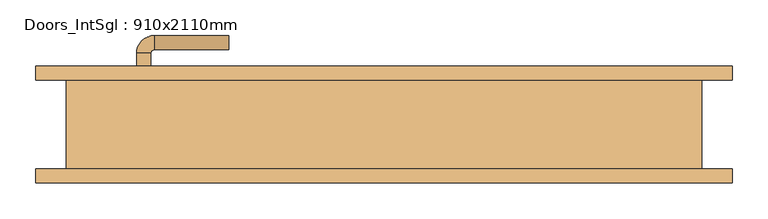
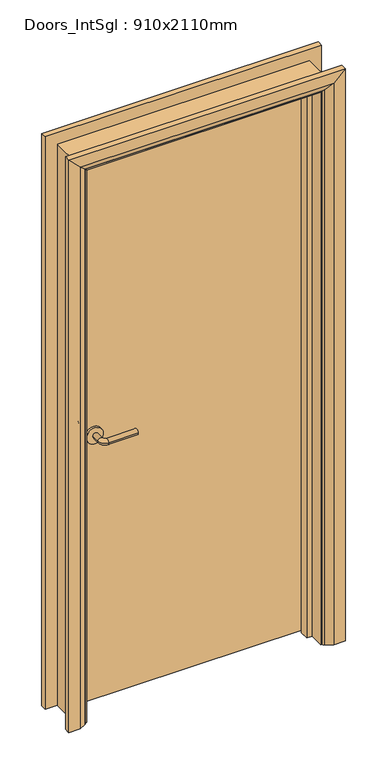
"""IFC4 building model written with IfcOpenShell, lengths in millimetres: door geometry, Doors_IntSgl : 910x2110mm."""

import ifcopenshell
import ifcopenshell.guid

model = None  # the IFC model being written
_history = None  # IfcOwnerHistory: only IFC2X3 demands one
_inside = {}  # id of a spatial element -> (the spatial element, [elements in it])
_under = {}  # id of a project, library or spatial element -> (it, [spatial elements below it])
_declared = {}  # id of a project -> (the project, [libraries it declares])
_typed = {}  # id of a type object -> (the type object, [elements of that type])
_made_of = {}  # id of a material, layer set ... -> (it, [elements and type objects made of it])


def new_model(schema):
    """Start an empty IFC model of exactly this schema.

    Asked for "IFC4X3", IfcOpenShell would pick the latest addendum, in which some entities
    have other attributes; the version numbers below select the first issue.
    IFC2X3 requires an IfcOwnerHistory on every rooted entity: one is made here for all.
    """
    global model, _history
    if schema == "IFC4X3":
        model = ifcopenshell.file(schema_version=(4, 3, 0, 0))
    else:
        model = ifcopenshell.file(schema=schema)
    _inside.clear()
    _under.clear()
    _declared.clear()
    _typed.clear()
    _made_of.clear()
    _history = None
    if model.schema == "IFC2X3":
        org = make("IfcOrganization", Name="unknown")
        user = make(
            "IfcPersonAndOrganization",
            ThePerson=make("IfcPerson", FamilyName="unknown"),
            TheOrganization=org,
        )
        app = make(
            "IfcApplication",
            ApplicationDeveloper=org,
            Version="unknown",
            ApplicationFullName="unknown",
            ApplicationIdentifier="unknown",
        )
        _history = make(
            "IfcOwnerHistory",
            OwningUser=user,
            OwningApplication=app,
            ChangeAction="ADDED",
            CreationDate=0,
        )
    return model


def make(cls, **values):
    """One entity of the class cls with the attributes given. An attribute that is None is left unset."""
    return model.create_entity(
        cls, **{name: value for name, value in values.items() if value is not None}
    )


def rooted(cls, **values):
    """An entity with a GlobalId (a new one), such as an element, a storey or a relation."""
    return make(cls, GlobalId=ifcopenshell.guid.new(), OwnerHistory=_history, **values)


def si_unit(unit_type, name, prefix=None):
    """IfcSIUnit, for example si_unit("LENGTHUNIT", "METRE", prefix="MILLI")."""
    return make("IfcSIUnit", UnitType=unit_type, Prefix=prefix, Name=name)


def assignment(units):
    """IfcUnitAssignment: the units of a project."""
    return None if units is None else make("IfcUnitAssignment", Units=units)


def point(xyz):
    """IfcCartesianPoint."""
    return None if xyz is None else make("IfcCartesianPoint", Coordinates=xyz)


def direction(xyz):
    """IfcDirection."""
    return None if xyz is None else make("IfcDirection", DirectionRatios=xyz)


def frame(location, z_axis=None, x_axis=None):
    """IfcAxis2Placement3D, a coordinate frame: its origin and axes. An axis left out is left unset."""
    return make(
        "IfcAxis2Placement3D",
        Location=point(location),
        Axis=direction(z_axis),
        RefDirection=direction(x_axis),
    )


def frame_2d(location, x_axis=None):
    """IfcAxis2Placement2D, a coordinate frame in the plane: its origin and x axis."""
    return make(
        "IfcAxis2Placement2D", Location=point(location), RefDirection=direction(x_axis)
    )


def origin():
    """The frame at (0, 0, 0) with its axes left unset."""
    return frame((0.0, 0.0, 0.0))


def place(relative_to, where):
    """IfcLocalPlacement: puts the frame where relative to a parent placement (None: the world)."""
    return make(
        "IfcLocalPlacement", PlacementRelTo=relative_to, RelativePlacement=where
    )


def context(
    kind, dimensions, precision=None, world=None, true_north=None, identifier=None
):
    """IfcGeometricRepresentationContext, for example the 3D "Model" context."""
    return make(
        "IfcGeometricRepresentationContext",
        ContextIdentifier=identifier,
        ContextType=kind,
        CoordinateSpaceDimension=dimensions,
        Precision=precision,
        WorldCoordinateSystem=world,
        TrueNorth=true_north,
    )


def project(units=None, contexts=None):
    """IfcProject with its units and contexts."""
    return rooted(
        "IfcProject",
        Name="project",
        RepresentationContexts=contexts,
        UnitsInContext=assignment(units),
    )


def spatial(cls, under=None, at=None, **own):
    """A site, building, storey or space (cls), placed at a placement, below another one or the project."""
    s = rooted(cls, ObjectPlacement=at, **own)
    if under is not None:
        _under.setdefault(under.id(), (under, []))[1].append(s)
    return s


def polyline(points):
    """IfcPolyline through the points."""
    return make("IfcPolyline", Points=[point(p) for p in points])


def circle_curve(where, radius):
    """IfcCircle in the frame where."""
    return make("IfcCircle", Position=where, Radius=radius)


def ellipse_curve(where, semi_axis1, semi_axis2):
    """IfcEllipse in the frame where."""
    return make(
        "IfcEllipse", Position=where, SemiAxis1=semi_axis1, SemiAxis2=semi_axis2
    )


def trimmed(basis, trim1, trim2, sense, master):
    """IfcTrimmedCurve: the piece of a basis curve between two trims."""
    return make(
        "IfcTrimmedCurve",
        BasisCurve=basis,
        Trim1=trim1,
        Trim2=trim2,
        SenseAgreement=sense,
        MasterRepresentation=master,
    )


def segment(curve, same_sense, transition):
    """IfcCompositeCurveSegment."""
    return make(
        "IfcCompositeCurveSegment",
        Transition=transition,
        SameSense=same_sense,
        ParentCurve=curve,
    )


def composite_curve(segments, self_intersect=None):
    """IfcCompositeCurve: segments joined end to end."""
    return make("IfcCompositeCurve", Segments=segments, SelfIntersect=self_intersect)


def outline(outer, holes=None, kind="AREA"):
    """IfcArbitraryClosedProfileDef: a profile drawn as a closed curve; with holes, ...WithVoids."""
    if holes is None:
        return make("IfcArbitraryClosedProfileDef", ProfileType=kind, OuterCurve=outer)
    return make(
        "IfcArbitraryProfileDefWithVoids",
        ProfileType=kind,
        OuterCurve=outer,
        InnerCurves=holes,
    )


def extrude(swept, where, along, depth):
    """IfcExtrudedAreaSolid: the profile swept, set in the frame where, extruded along a direction by depth."""
    return make(
        "IfcExtrudedAreaSolid",
        SweptArea=swept,
        Position=where,
        ExtrudedDirection=direction(along),
        Depth=depth,
    )


def faces_of(points, faces, orient=None, outer=None):
    """IfcFace entities. A face is a list of loops; a loop is a list of indices into points, from 0.

    orient and outer hold one flag for each loop. By default every Orientation is true, the
    first loop of a face is its IfcFaceOuterBound and the others are IfcFaceBound.
    """
    made = []
    for i, loops in enumerate(faces):
        bounds = []
        for j, loop in enumerate(loops):
            is_outer = j == 0 if outer is None else outer[i][j]
            bounds.append(
                make(
                    "IfcFaceOuterBound" if is_outer else "IfcFaceBound",
                    Bound=make("IfcPolyLoop", Polygon=[points[k] for k in loop]),
                    Orientation=True if orient is None else orient[i][j],
                )
            )
        made.append(make("IfcFace", Bounds=bounds))
    return made


def faceted_brep(points, faces, orient=None, outer=None, voids=None):
    """IfcFacetedBrep: a solid bounded by flat faces; with voids (closed shells), ...WithVoids."""
    shared = [point(p) for p in points]
    hull = make("IfcClosedShell", CfsFaces=faces_of(shared, faces, orient, outer))
    if voids is None:
        return make("IfcFacetedBrep", Outer=hull)
    return make(
        "IfcFacetedBrepWithVoids",
        Outer=hull,
        Voids=[
            make(cls, CfsFaces=faces_of(shared, fs, o, b)) for cls, fs, o, b in voids
        ],
    )


def shape(context_of_items, identifier, shape_type, items):
    """IfcShapeRepresentation: the items that make up one representation, for example the "Body"."""
    return make(
        "IfcShapeRepresentation",
        ContextOfItems=context_of_items,
        RepresentationIdentifier=identifier,
        RepresentationType=shape_type,
        Items=items,
    )


def source(mapping_origin, context_of_items, identifier, shape_type, items):
    """IfcRepresentationMap: a shape defined once, which mapped items show again and again."""
    return make(
        "IfcRepresentationMap",
        MappingOrigin=mapping_origin,
        MappedRepresentation=shape(context_of_items, identifier, shape_type, items),
    )


def transform(
    local_origin,
    x_axis=None,
    y_axis=None,
    z_axis=None,
    scale=None,
    scale2=None,
    scale3=None,
    uniform=True,
):
    """IfcCartesianTransformationOperator3D, or its non-uniform kind. x_axis, y_axis, z_axis: its Axis1, 2, 3."""
    if uniform:
        return make(
            "IfcCartesianTransformationOperator3D",
            Axis1=direction(x_axis),
            Axis2=direction(y_axis),
            LocalOrigin=point(local_origin),
            Scale=scale,
            Axis3=direction(z_axis),
        )
    return make(
        "IfcCartesianTransformationOperator3DnonUniform",
        Axis1=direction(x_axis),
        Axis2=direction(y_axis),
        LocalOrigin=point(local_origin),
        Scale=scale,
        Axis3=direction(z_axis),
        Scale2=scale2,
        Scale3=scale3,
    )


def mapped(mapping_source, mapping_target):
    """IfcMappedItem: shows the shape of a source again, moved by a transform."""
    return make(
        "IfcMappedItem", MappingSource=mapping_source, MappingTarget=mapping_target
    )


def made_of(thing, what):
    """Note that an element or type object is made of a material, layer set ...; save() writes the relation."""
    if what is not None:
        _made_of.setdefault(what.id(), (what, []))[1].append(thing)
    return thing


def element(
    cls,
    number,
    at=None,
    inside=None,
    cuts=None,
    type_object=None,
    material=None,
    context=None,
    identifier="Body",
    shape_type=None,
    held_by="IfcProductDefinitionShape",
    body=None,
    shapes=None,
    **own,
):
    """One element of the class cls, such as IfcWall. Its Tag is "e" and its number.

    at: its placement. inside: the storey or other place that contains it. cuts: it is an
    opening in that element (IfcRelVoidsElement). A single representation is given by context,
    identifier, shape_type and body (its items); several are given by shapes. held_by: the class
    of the entity that holds the representations. save() writes the other relations.
    """
    e = rooted(cls, Tag="e%d" % number, ObjectPlacement=at, **own)
    if body is not None:
        shapes = [shape(context, identifier, shape_type, body)]
    if shapes is not None:
        e.Representation = make(held_by, Representations=shapes)
    if inside is not None:
        _inside.setdefault(inside.id(), (inside, []))[1].append(e)
    if cuts is not None:
        rooted(
            "IfcRelVoidsElement", RelatingBuildingElement=cuts, RelatedOpeningElement=e
        )
    if type_object is not None:
        _typed.setdefault(type_object.id(), (type_object, []))[1].append(e)
    return made_of(e, material)


def aggregate(whole, parts):
    """IfcRelAggregates: a whole, such as a stair, and the parts it consists of."""
    return rooted("IfcRelAggregates", RelatingObject=whole, RelatedObjects=parts)


def save(model, path):
    """Write the relations noted so far, then the file.

    IfcRelAggregates (storeys below a building ...), IfcRelContainedInSpatialStructure (elements
    in a storey), IfcRelDefinesByType, IfcRelAssociatesMaterial and IfcRelDeclares: one each for
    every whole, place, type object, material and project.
******
» Problem:
Scan the records above for the word "layer" and return every line where it occurs.

» Response area:
_made_of = {}  # id of a material, layer set ... -> (it, [elements and type objects made of it])
    """Note that an element or type object is made of a material, layer set ...; save() writes the relation."""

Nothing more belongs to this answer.